The capacity shared among the profiling partners during the first exercise in Erbil meant that those in Duhok and Sulaymaniyah were able to be largely self-run with much of our support provided remotely. The methodology and tools for Erbil were developed in late 2015, and ESD conducted the household survey in December. The analysis workshop was held in February 2016 to discuss the initial survey findings, which in turn informed the methodology for qualitative data collection the following month. The household survey data for Duhok and Sulaymaniyah was collected in May 2016 and cleaned and analysed the following month.
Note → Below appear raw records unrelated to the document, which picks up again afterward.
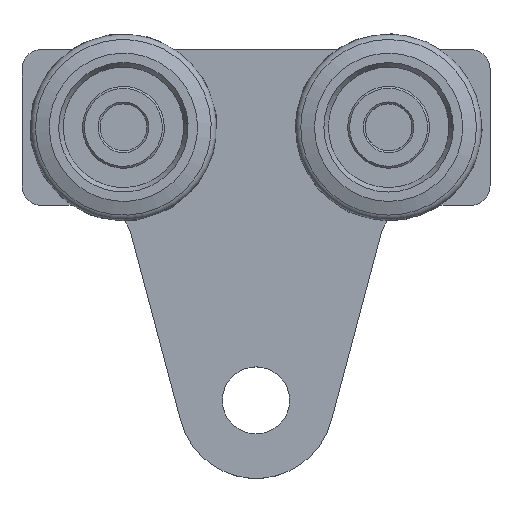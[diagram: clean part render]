
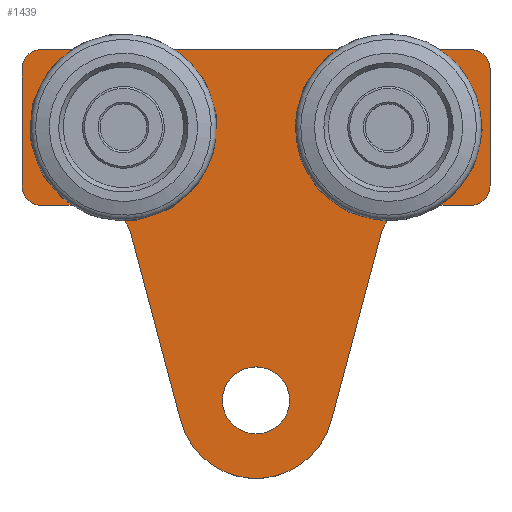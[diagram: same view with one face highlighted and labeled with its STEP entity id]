
A CAD part, top view. The second image highlights one B-rep face of the part: STEP entity #1439.
In plain terms, the highlighted planar face has unit normal (0, 0, 1).
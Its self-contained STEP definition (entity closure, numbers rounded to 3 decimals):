
#109=LINE('',#2122,#215);
#114=LINE('',#2136,#220);
#119=LINE('',#2154,#225);
#123=LINE('',#2165,#229);
#127=LINE('',#2178,#233);
#131=LINE('',#2190,#237);
#135=LINE('',#2202,#241);
#139=LINE('',#2214,#245);
#143=LINE('',#2226,#249);
#147=LINE('',#2238,#253);
#151=LINE('',#2249,#257);
#215=VECTOR('',#1683,3.36);
#220=VECTOR('',#1696,3.36);
#225=VECTOR('',#1715,3.36);
#229=VECTOR('',#1727,3.36);
#233=VECTOR('',#1739,13.313);
#237=VECTOR('',#1751,49.374);
#241=VECTOR('',#1763,49.374);
#245=VECTOR('',#1775,13.313);
#249=VECTOR('',#1787,30.);
#253=VECTOR('',#1799,110.);
#257=VECTOR('',#1811,30.);
#333=PLANE('',#1555);
#372=FACE_BOUND('',#512,.T.);
#373=FACE_BOUND('',#513,.T.);
#374=FACE_BOUND('',#514,.T.);
#420=FACE_OUTER_BOUND('',#511,.T.);
#511=EDGE_LOOP('',(#1117,#1118,#1119,#1120,#1121,#1122,#1123,#1124,#1125,
#1126,#1127,#1128,#1129,#1130));
#512=EDGE_LOOP('',(#1131));
#513=EDGE_LOOP('',(#1132,#1133,#1134,#1135));
#514=EDGE_LOOP('',(#1136,#1137,#1138,#1139));
#598=CIRCLE('',#1508,8.6);
#600=CIRCLE('',#1512,9.1);
#602=CIRCLE('',#1516,6.15);
#604=CIRCLE('',#1519,6.15);
#606=CIRCLE('',#1523,9.1);
#608=CIRCLE('',#1527,5.);
#610=CIRCLE('',#1531,10.);
#612=CIRCLE('',#1535,20.);
#614=CIRCLE('',#1539,10.);
#616=CIRCLE('',#1543,5.);
#618=CIRCLE('',#1547,5.);
#620=CIRCLE('',#1551,5.);
#671=VERTEX_POINT('',#2115);
#673=VERTEX_POINT('',#2120);
#674=VERTEX_POINT('',#2121);
#677=VERTEX_POINT('',#2129);
#679=VERTEX_POINT('',#2135);
#681=VERTEX_POINT('',#2144);
#682=VERTEX_POINT('',#2145);
#685=VERTEX_POINT('',#2153);
#687=VERTEX_POINT('',#2159);
#689=VERTEX_POINT('',#2168);
#690=VERTEX_POINT('',#2169);
#693=VERTEX_POINT('',#2177);
#695=VERTEX_POINT('',#2183);
#697=VERTEX_POINT('',#2189);
#699=VERTEX_POINT('',#2195);
#701=VERTEX_POINT('',#2201);
#703=VERTEX_POINT('',#2207);
#705=VERTEX_POINT('',#2213);
#707=VERTEX_POINT('',#2219);
#709=VERTEX_POINT('',#2225);
#711=VERTEX_POINT('',#2231);
#713=VERTEX_POINT('',#2237);
#715=VERTEX_POINT('',#2243);
#808=EDGE_CURVE('',#671,#671,#598,.T.);
#810=EDGE_CURVE('',#673,#674,#109,.T.);
#814=EDGE_CURVE('',#674,#677,#600,.T.);
#817=EDGE_CURVE('',#677,#679,#114,.T.);
#820=EDGE_CURVE('',#679,#673,#602,.T.);
#822=EDGE_CURVE('',#681,#682,#604,.T.);
#826=EDGE_CURVE('',#682,#685,#119,.T.);
#829=EDGE_CURVE('',#685,#687,#606,.T.);
#832=EDGE_CURVE('',#687,#681,#123,.T.);
#834=EDGE_CURVE('',#689,#690,#608,.T.);
#838=EDGE_CURVE('',#690,#693,#127,.T.);
#841=EDGE_CURVE('',#693,#695,#610,.T.);
#844=EDGE_CURVE('',#695,#697,#131,.T.);
#847=EDGE_CURVE('',#697,#699,#612,.T.);
#850=EDGE_CURVE('',#699,#701,#135,.T.);
#853=EDGE_CURVE('',#701,#703,#614,.T.);
#856=EDGE_CURVE('',#703,#705,#139,.T.);
#859=EDGE_CURVE('',#705,#707,#616,.T.);
#862=EDGE_CURVE('',#707,#709,#143,.T.);
#865=EDGE_CURVE('',#709,#711,#618,.T.);
#868=EDGE_CURVE('',#711,#713,#147,.T.);
#871=EDGE_CURVE('',#713,#715,#620,.T.);
#874=EDGE_CURVE('',#715,#689,#151,.T.);
#1117=ORIENTED_EDGE('',*,*,#834,.F.);
#1118=ORIENTED_EDGE('',*,*,#874,.F.);
#1119=ORIENTED_EDGE('',*,*,#871,.F.);
#1120=ORIENTED_EDGE('',*,*,#868,.F.);
#1121=ORIENTED_EDGE('',*,*,#865,.F.);
#1122=ORIENTED_EDGE('',*,*,#862,.F.);
#1123=ORIENTED_EDGE('',*,*,#859,.F.);
#1124=ORIENTED_EDGE('',*,*,#856,.F.);
#1125=ORIENTED_EDGE('',*,*,#853,.F.);
#1126=ORIENTED_EDGE('',*,*,#850,.F.);
#1127=ORIENTED_EDGE('',*,*,#847,.F.);
#1128=ORIENTED_EDGE('',*,*,#844,.F.);
#1129=ORIENTED_EDGE('',*,*,#841,.F.);
#1130=ORIENTED_EDGE('',*,*,#838,.F.);
#1131=ORIENTED_EDGE('',*,*,#808,.T.);
#1132=ORIENTED_EDGE('',*,*,#810,.T.);
#1133=ORIENTED_EDGE('',*,*,#814,.T.);
#1134=ORIENTED_EDGE('',*,*,#817,.T.);
#1135=ORIENTED_EDGE('',*,*,#820,.T.);
#1136=ORIENTED_EDGE('',*,*,#822,.T.);
#1137=ORIENTED_EDGE('',*,*,#826,.T.);
#1138=ORIENTED_EDGE('',*,*,#829,.T.);
#1139=ORIENTED_EDGE('',*,*,#832,.T.);
#1439=ADVANCED_FACE('',(#420,#372,#373,#374),#333,.T.);
#1508=AXIS2_PLACEMENT_3D('',#2116,#1677,#1678);
#1512=AXIS2_PLACEMENT_3D('',#2130,#1689,#1690);
#1516=AXIS2_PLACEMENT_3D('',#2141,#1701,#1702);
#1519=AXIS2_PLACEMENT_3D('',#2146,#1707,#1708);
#1523=AXIS2_PLACEMENT_3D('',#2160,#1720,#1721);
#1527=AXIS2_PLACEMENT_3D('',#2170,#1731,#1732);
#1531=AXIS2_PLACEMENT_3D('',#2184,#1744,#1745);
#1535=AXIS2_PLACEMENT_3D('',#2196,#1756,#1757);
#1539=AXIS2_PLACEMENT_3D('',#2208,#1768,#1769);
#1543=AXIS2_PLACEMENT_3D('',#2220,#1780,#1781);
#1547=AXIS2_PLACEMENT_3D('',#2232,#1792,#1793);
#1551=AXIS2_PLACEMENT_3D('',#2244,#1804,#1805);
#1555=AXIS2_PLACEMENT_3D('',#2252,#1815,#1816);
#1677=DIRECTION('center_axis',(0.,0.,-1.));
#1678=DIRECTION('ref_axis',(1.,0.,0.));
#1683=DIRECTION('',(-0.866,0.5,0.));
#1689=DIRECTION('center_axis',(0.,0.,-1.));
#1690=DIRECTION('ref_axis',(-0.866,-0.5,0.));
#1696=DIRECTION('',(-0.866,-0.5,0.));
#1701=DIRECTION('center_axis',(0.,0.,-1.));
#1702=DIRECTION('ref_axis',(0.808,-0.589,0.));
#1707=DIRECTION('center_axis',(0.,0.,-1.));
#1708=DIRECTION('ref_axis',(-0.808,0.589,0.));
#1715=DIRECTION('',(-0.866,0.5,0.));
#1720=DIRECTION('center_axis',(0.,0.,-1.));
#1721=DIRECTION('ref_axis',(0.866,0.5,0.));
#1727=DIRECTION('',(-0.866,-0.5,0.));
#1731=DIRECTION('center_axis',(0.,0.,-1.));
#1732=DIRECTION('ref_axis',(0.,1.,0.));
#1739=DIRECTION('',(1.,0.,0.));
#1744=DIRECTION('center_axis',(0.,0.,1.));
#1745=DIRECTION('ref_axis',(0.,1.,0.));
#1751=DIRECTION('',(0.257,0.966,0.));
#1756=DIRECTION('center_axis',(0.,0.,-1.));
#1757=DIRECTION('ref_axis',(0.966,0.257,0.));
#1763=DIRECTION('',(0.257,-0.966,0.));
#1768=DIRECTION('center_axis',(0.,0.,1.));
#1769=DIRECTION('ref_axis',(0.966,0.257,0.));
#1775=DIRECTION('',(1.,0.,0.));
#1780=DIRECTION('center_axis',(0.,0.,-1.));
#1781=DIRECTION('ref_axis',(1.,0.,0.));
#1787=DIRECTION('',(0.,-1.,0.));
#1792=DIRECTION('center_axis',(0.,0.,-1.));
#1793=DIRECTION('ref_axis',(0.,-1.,0.));
#1799=DIRECTION('',(-1.,0.,0.));
#1804=DIRECTION('center_axis',(0.,0.,-1.));
#1805=DIRECTION('ref_axis',(-1.,0.,0.));
#1811=DIRECTION('',(0.,1.,0.));
#1815=DIRECTION('center_axis',(0.,0.,1.));
#1816=DIRECTION('ref_axis',(1.,0.,0.));
#2115=CARTESIAN_POINT('',(8.6,70.,8.));
#2116=CARTESIAN_POINT('Origin',(0.,70.,8.));
#2120=CARTESIAN_POINT('',(-38.971,3.622,8.));
#2121=CARTESIAN_POINT('',(-41.88,5.301,8.));
#2122=CARTESIAN_POINT('',(-28.051,-2.683,8.));
#2129=CARTESIAN_POINT('',(-26.12,5.301,8.));
#2130=CARTESIAN_POINT('Origin',(-34.,0.75,8.));
#2135=CARTESIAN_POINT('',(-29.029,3.622,8.));
#2136=CARTESIAN_POINT('',(-12.994,12.879,8.));
#2141=CARTESIAN_POINT('Origin',(-34.,0.,8.));
#2144=CARTESIAN_POINT('',(38.971,3.622,8.));
#2145=CARTESIAN_POINT('',(29.029,3.622,8.));
#2146=CARTESIAN_POINT('Origin',(34.,0.,8.));
#2153=CARTESIAN_POINT('',(26.12,5.301,8.));
#2154=CARTESIAN_POINT('',(14.449,12.04,8.));
#2159=CARTESIAN_POINT('',(41.88,5.301,8.));
#2160=CARTESIAN_POINT('Origin',(34.,0.75,8.));
#2165=CARTESIAN_POINT('',(29.506,-1.843,8.));
#2168=CARTESIAN_POINT('',(-60.,15.,8.));
#2169=CARTESIAN_POINT('',(-55.,20.,8.));
#2170=CARTESIAN_POINT('Origin',(-55.,15.,8.));
#2177=CARTESIAN_POINT('',(-41.687,20.,8.));
#2178=CARTESIAN_POINT('',(-41.687,20.,8.));
#2183=CARTESIAN_POINT('',(-32.023,27.429,8.));
#2184=CARTESIAN_POINT('Origin',(-41.687,30.,8.));
#2189=CARTESIAN_POINT('',(-19.328,75.143,8.));
#2190=CARTESIAN_POINT('',(-19.328,75.143,8.));
#2195=CARTESIAN_POINT('',(19.328,75.143,8.));
#2196=CARTESIAN_POINT('Origin',(0.,70.,8.));
#2201=CARTESIAN_POINT('',(32.023,27.429,8.));
#2202=CARTESIAN_POINT('',(32.023,27.429,8.));
#2207=CARTESIAN_POINT('',(41.687,20.,8.));
#2208=CARTESIAN_POINT('Origin',(41.687,30.,8.));
#2213=CARTESIAN_POINT('',(55.,20.,8.));
#2214=CARTESIAN_POINT('',(55.,20.,8.));
#2219=CARTESIAN_POINT('',(60.,15.,8.));
#2220=CARTESIAN_POINT('Origin',(55.,15.,8.));
#2225=CARTESIAN_POINT('',(60.,-15.,8.));
#2226=CARTESIAN_POINT('',(60.,-15.,8.));
#2231=CARTESIAN_POINT('',(55.,-20.,8.));
#2232=CARTESIAN_POINT('Origin',(55.,-15.,8.));
#2237=CARTESIAN_POINT('',(-55.,-20.,8.));
#2238=CARTESIAN_POINT('',(-55.,-20.,8.));
#2243=CARTESIAN_POINT('',(-60.,-15.,8.));
#2244=CARTESIAN_POINT('Origin',(-55.,-15.,8.));
#2249=CARTESIAN_POINT('',(-60.,15.,8.));
#2252=CARTESIAN_POINT('Origin',(0.,20.685,8.));

The final profiling report for Erbil was launched in June 2016, followed by those for Duhok and Sulaymaniyah in November 2016. The results of the exercises were disseminated amongst the wider humanitarian and development community. The datasets from Erbil, Duhok and Sulaymaniyah can be downloaded from the Humanitarian Data Exchange (HDX).

Impact & lessons learned

The profiling exercises had a number of significant impacts in the three governorates:


  • Their results helped to focus and target interventions on those most vulnerable and in need, including host community members. “The profiling helped focus cash assistance programmes on the most vulnerable IDP and refugee communities,” said Jozef Merkx of UNHCR Iraq. “We also learned that we should include the host community in our programming, as they had also been through very difficult times.”
  • The profiling results also established a shared understanding of how displacement was affecting urban IDPs, refugees and host communities in the region. According to Serwan Mohamed of the Kurdistan Region Statistics Office, they showed “the importance of joining efforts between government, including statistics offices, and humanitarian organisations to avoid multiple data collection with different methodologies and objectives”.
  • The collaborative nature of the profiling processes ensured local ownership and also strengthened relations and broadened cooperation between the governorate authorities and the UN agencies involved, leading to a significant technical capacity sharing. As UNHCR’s profiling coordinator, Shadman Mahmoud, said: “The resulting evidence base helped build a bridge between the UN and the government.”

Project overview

Urban profiling in south and central Iraq (2015)
UNHCR and the Ministry of Displacement and Migration (MoDM) in Baghdad asked JIPS in March 2016 to provide remote support for a profiling exercise on IDPs and local communities spanning nine governorates. Due to limited access and challenging security situation in south and central Iraq, the profiling deployed a light methodology, aiming to provide initial household level data to inform overall planning of assistance provision.

Profiling process & JIPS’ support

We supported remotely the design of a methodology for a comparative profiling of host and displaced populations in the urban and peri-urban locations across south and central Iraq.

The data collection tools were jointly developed by MoDM and UNHCR with our technical advice, and MoDM undertook mobile data collection between May and October 2016. Surveys were conducted in the central governorates of Babylon, Karbala, Najaf and Wassit, and across Basra, Dhi Qar, Missan, Muthanna and Qadissiyah in the south.

The data collected from all nine governorates was cleaned and merged with the support from Statistics Norway, and the dataset is available on request via the HDX platform.

Impact & lessons learned

The impact of this profiling process was limited: the analytical report wasn’t finalised due to a shift in priorities in the country following the operation to retake the city of Mosul from Isis control in October 2016.

The data and in particular vulnerability analysis based on it was, however, used for UNHCR’s programme planning and implementation and, at the global, lessons learned from this have been shared with the targeting community.